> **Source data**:

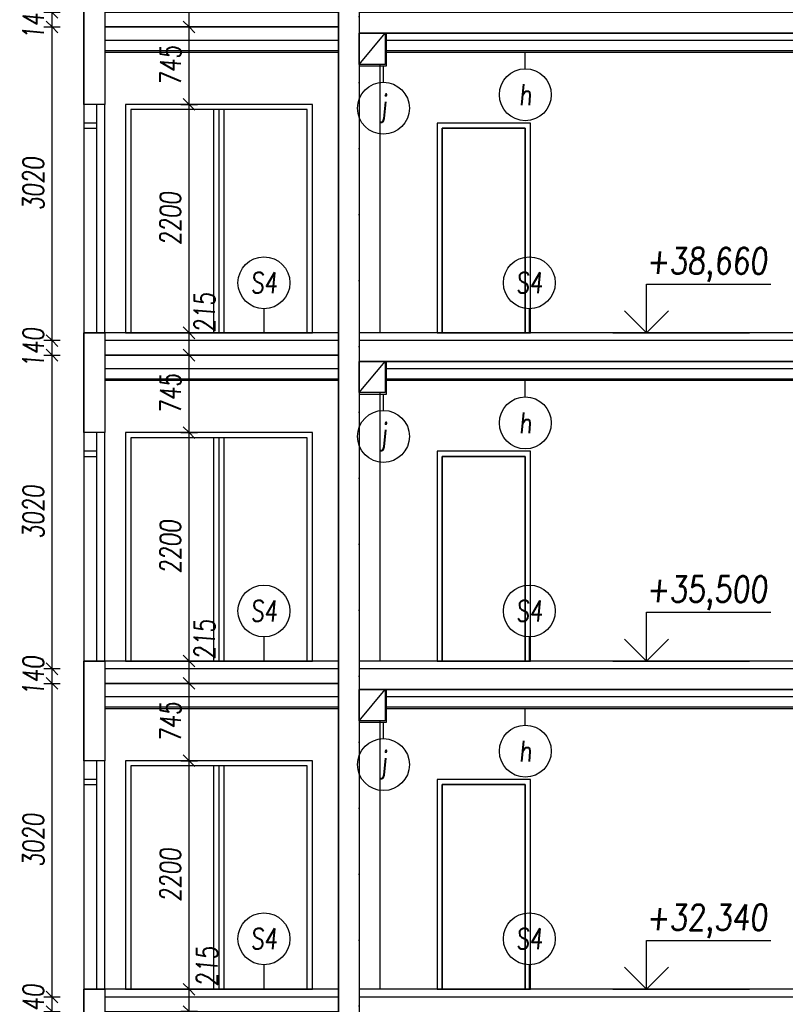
# Model space of a CAD drawing. Header units: millimetres. Extents: x -24606338 to 439687, y 151354 to 480404.
# Tile 39 of 93: x 268043 to 275416, y 220027 to 229507. Entities that reach past the tile are written whole.
import ezdxf
from ezdxf.enums import TextEntityAlignment as Align

# ---------------------------------------------------------------- set-up
doc = ezdxf.new("R2010")
doc.units = ezdxf.units.MM
doc.linetypes.add('ČERCHOVANÁ', pattern=[25.4, 12.7, -6.35, 0, -6.35])
for name, color, linetype in [('DVERE', 4, 'Continuous'), ('KOTY', 7, 'Continuous'), ('NOVÁ INTERIERY', 240, 'Continuous'), ('OSY', 7, 'Continuous'), ('TENKA', 4, 'Continuous'), ('TLUSTA', 2, 'Continuous'), ('ŽB', 3, 'Continuous')]:
    doc.layers.add(name, color=color, linetype=linetype)
doc.styles.add('CS-ROMANS', font='romans.shx', dxfattribs={"width": 0.75, "oblique": 5})
doc.styles.add('CS-ROMANS_100', font='romans.shx', dxfattribs={"width": 0.75, "oblique": 5, "height": 200})
doc.styles.add('ROMANS', font='romans.shx', dxfattribs={"width": 0.75, "oblique": 5, "height": 200})
doc.dimstyles.new('A_KÓTA_100', dxfattribs={"dimtxt": 200, "dimasz": 4, "dimexe": 100, "dimexo": 1500, "dimgap": 80, "dimtad": 1, "dimdec": 0, "dimdsep": 46, "dimtxsty": 'CS-ROMANS_100', "dimblk": 'KOT_CARA20', "dimcen": 90, "dimse1": 1, "dimse2": 1, "dimclrd": 256, "dimclre": 256, "dimclrt": 256, "dimadec": 0, "dimazin": 0, "dimtfac": 1, "dimtdec": 0, "dimtix": 1, "dimtmove": 2, "dimatfit": 3, "dimldrblk": 'OBLIQUE', "dimfxl": 1, "dimfxlon": 1, "dimtolj": 1, "dimarcsym": 0})

# ---------------------------------------------------------------- blocks, each defined once
blk = doc.blocks.new('VÝŠKOVÁ KÓTA 1')
at = {"ltscale": 0.25}
for p, q in [((0, 3.758), (9.586, 3.758)), ((0, 0), (0, 3.758)), ((0, 0), (-1.697, 1.697)), ((0, 0), (1.697, 1.697))]:
    blk.add_line(p, q, dxfattribs=at)
at = {"style": 'ROMANS', "oblique": 5, "width": 0.8}
blk.add_attdef('VÝŠKA', (0, 4.539), '', height=2, dxfattribs=at)
blk = doc.blocks.new('KOT_CARA20')
for p, q in [((0, 0), (-14.1, -14.1)), ((0, 20), (0, -20)), ((0, 0), (14.1, 14.1))]:
    blk.add_line(p, q)
blk = doc.blocks.new('*D2876')
at = {"layer": 'Defpoints', "color": 0, "transparency": 16777216}
for p in [(268861.8, 220172.2), (269674.2, 220172.2), (268861.8, 219957.2)]:
    blk.add_point(p, dxfattribs=at)
at = {"layer": 'KOTY', "lineweight": -2, "transparency": 16777216}
blk.add_line((269674.2, 219961.2), (269674.2, 220168.2), dxfattribs=at)
at = {"layer": 'KOTY', "lineweight": -2, "transparency": 16777216, "xscale": 4, "yscale": 4, "zscale": 4}
for p, rotation in [((269674.2, 220172.2), 90), ((269674.2, 219957.2), 270)]:
    blk.add_blockref('KOT_CARA20', p, dxfattribs=dict(at, rotation=rotation))
at = {"layer": 'KOTY', "transparency": 16777216, "insert": (269846.4, 220391.6), "char_height": 200, "attachment_point": 5, "rotation": 90, "style": 'CS-ROMANS_100'}
blk.add_mtext('\\A1;215', dxfattribs=at)
blk = doc.blocks.new('_OBLIQUE')
at = {"color": 0, "linetype": 'ByBlock', "ltscale": 15}
blk.add_line((-0.5, -0.5), (0.5, 0.5), dxfattribs=at)
blk = doc.blocks.new('*D2877')
at = {"layer": 'Defpoints', "color": 0, "transparency": 16777216}
for p in [(268861.8, 222372.2), (269674.2, 222372.2), (268861.8, 220172.2)]:
    blk.add_point(p, dxfattribs=at)
at = {"layer": 'KOTY', "lineweight": -2, "transparency": 16777216}
blk.add_line((269674.2, 220176.2), (269674.2, 222368.2), dxfattribs=at)
at = {"layer": 'KOTY', "lineweight": -2, "transparency": 16777216, "xscale": 4, "yscale": 4, "zscale": 4}
for p, rotation in [((269674.2, 222372.2), 90), ((269674.2, 220172.2), 270)]:
    blk.add_blockref('KOT_CARA20', p, dxfattribs=dict(at, rotation=rotation))
at = {"layer": 'KOTY', "transparency": 16777216, "insert": (269494.2, 221272.2), "char_height": 200, "attachment_point": 5, "rotation": 90, "style": 'CS-ROMANS_100'}
blk.add_mtext('\\A1;2200', dxfattribs=at)
blk = doc.blocks.new('*D2878')
at = {"layer": 'Defpoints', "color": 0, "transparency": 16777216}
for p in [(268861.8, 223117.2), (269674.2, 223117.2), (268861.8, 222372.2)]:
    blk.add_point(p, dxfattribs=at)
at = {"layer": 'KOTY', "lineweight": -2, "transparency": 16777216}
blk.add_line((269674.2, 222376.2), (269674.2, 223113.2), dxfattribs=at)
at = {"layer": 'KOTY', "lineweight": -2, "transparency": 16777216, "xscale": 4, "yscale": 4, "zscale": 4}
for p, rotation in [((269674.2, 223117.2), 90), ((269674.2, 222372.2), 270)]:
    blk.add_blockref('KOT_CARA20', p, dxfattribs=dict(at, rotation=rotation))
at = {"layer": 'KOTY', "transparency": 16777216, "insert": (269494.2, 222744.7), "char_height": 200, "attachment_point": 5, "rotation": 90, "style": 'CS-ROMANS_100'}
blk.add_mtext('\\A1;745', dxfattribs=at)
blk = doc.blocks.new('*D2879')
at = {"layer": 'Defpoints', "color": 0, "transparency": 16777216}
for p in [(268861.8, 223332.2), (269674.2, 223332.2), (268861.8, 223117.2)]:
    blk.add_point(p, dxfattribs=at)
at = {"layer": 'KOTY', "lineweight": -2, "transparency": 16777216}
blk.add_line((269674.2, 223121.2), (269674.2, 223328.2), dxfattribs=at)
at = {"layer": 'KOTY', "lineweight": -2, "transparency": 16777216, "xscale": 4, "yscale": 4, "zscale": 4}
for p, rotation in [((269674.2, 223332.2), 90), ((269674.2, 223117.2), 270)]:
    blk.add_blockref('KOT_CARA20', p, dxfattribs=dict(at, rotation=rotation))
at = {"layer": 'KOTY', "transparency": 16777216, "insert": (269822.3, 223538.5), "char_height": 200, "attachment_point": 5, "rotation": 90, "style": 'CS-ROMANS_100'}
blk.add_mtext('\\A1;215', dxfattribs=at)
blk = doc.blocks.new('*D2880')
at = {"layer": 'Defpoints', "color": 0, "transparency": 16777216}
for p in [(268861.8, 225532.2), (269674.2, 225532.2), (268861.8, 223332.2)]:
    blk.add_point(p, dxfattribs=at)
at = {"layer": 'KOTY', "lineweight": -2, "transparency": 16777216}
blk.add_line((269674.2, 223336.2), (269674.2, 225528.2), dxfattribs=at)
at = {"layer": 'KOTY', "lineweight": -2, "transparency": 16777216, "xscale": 4, "yscale": 4, "zscale": 4}
for p, rotation in [((269674.2, 225532.2), 90), ((269674.2, 223332.2), 270)]:
    blk.add_blockref('KOT_CARA20', p, dxfattribs=dict(at, rotation=rotation))
at = {"layer": 'KOTY', "transparency": 16777216, "insert": (269494.2, 224432.2), "char_height": 200, "attachment_point": 5, "rotation": 90, "style": 'CS-ROMANS_100'}
blk.add_mtext('\\A1;2200', dxfattribs=at)
blk = doc.blocks.new('*D2881')
at = {"layer": 'Defpoints', "color": 0, "transparency": 16777216}
for p in [(268861.8, 226277.2), (269674.2, 226277.2), (268861.8, 225532.2)]:
    blk.add_point(p, dxfattribs=at)
at = {"layer": 'KOTY', "lineweight": -2, "transparency": 16777216}
blk.add_line((269674.2, 225536.2), (269674.2, 226273.2), dxfattribs=at)
at = {"layer": 'KOTY', "lineweight": -2, "transparency": 16777216, "xscale": 4, "yscale": 4, "zscale": 4}
for p, rotation in [((269674.2, 226277.2), 90), ((269674.2, 225532.2), 270)]:
    blk.add_blockref('KOT_CARA20', p, dxfattribs=dict(at, rotation=rotation))
at = {"layer": 'KOTY', "transparency": 16777216, "insert": (269494.2, 225904.7), "char_height": 200, "attachment_point": 5, "rotation": 90, "style": 'CS-ROMANS_100'}
blk.add_mtext('\\A1;745', dxfattribs=at)
blk = doc.blocks.new('*D2882')
at = {"layer": 'Defpoints', "color": 0, "transparency": 16777216}
for p in [(268861.8, 226492.2), (269674.2, 226492.2), (268861.8, 226277.2)]:
    blk.add_point(p, dxfattribs=at)
at = {"layer": 'KOTY', "lineweight": -2, "transparency": 16777216}
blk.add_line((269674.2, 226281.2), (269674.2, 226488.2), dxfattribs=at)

> **What is expected**: Every line in the data above that includes the word "font" should be copied.

> **Exercise output**:
doc.styles.add('CS-ROMANS', font='romans.shx', dxfattribs={"width": 0.75, "oblique": 5})
doc.styles.add('CS-ROMANS_100', font='romans.shx', dxfattribs={"width": 0.75, "oblique": 5, "height": 200})
doc.styles.add('ROMANS', font='romans.shx', dxfattribs={"width": 0.75, "oblique": 5, "height": 200})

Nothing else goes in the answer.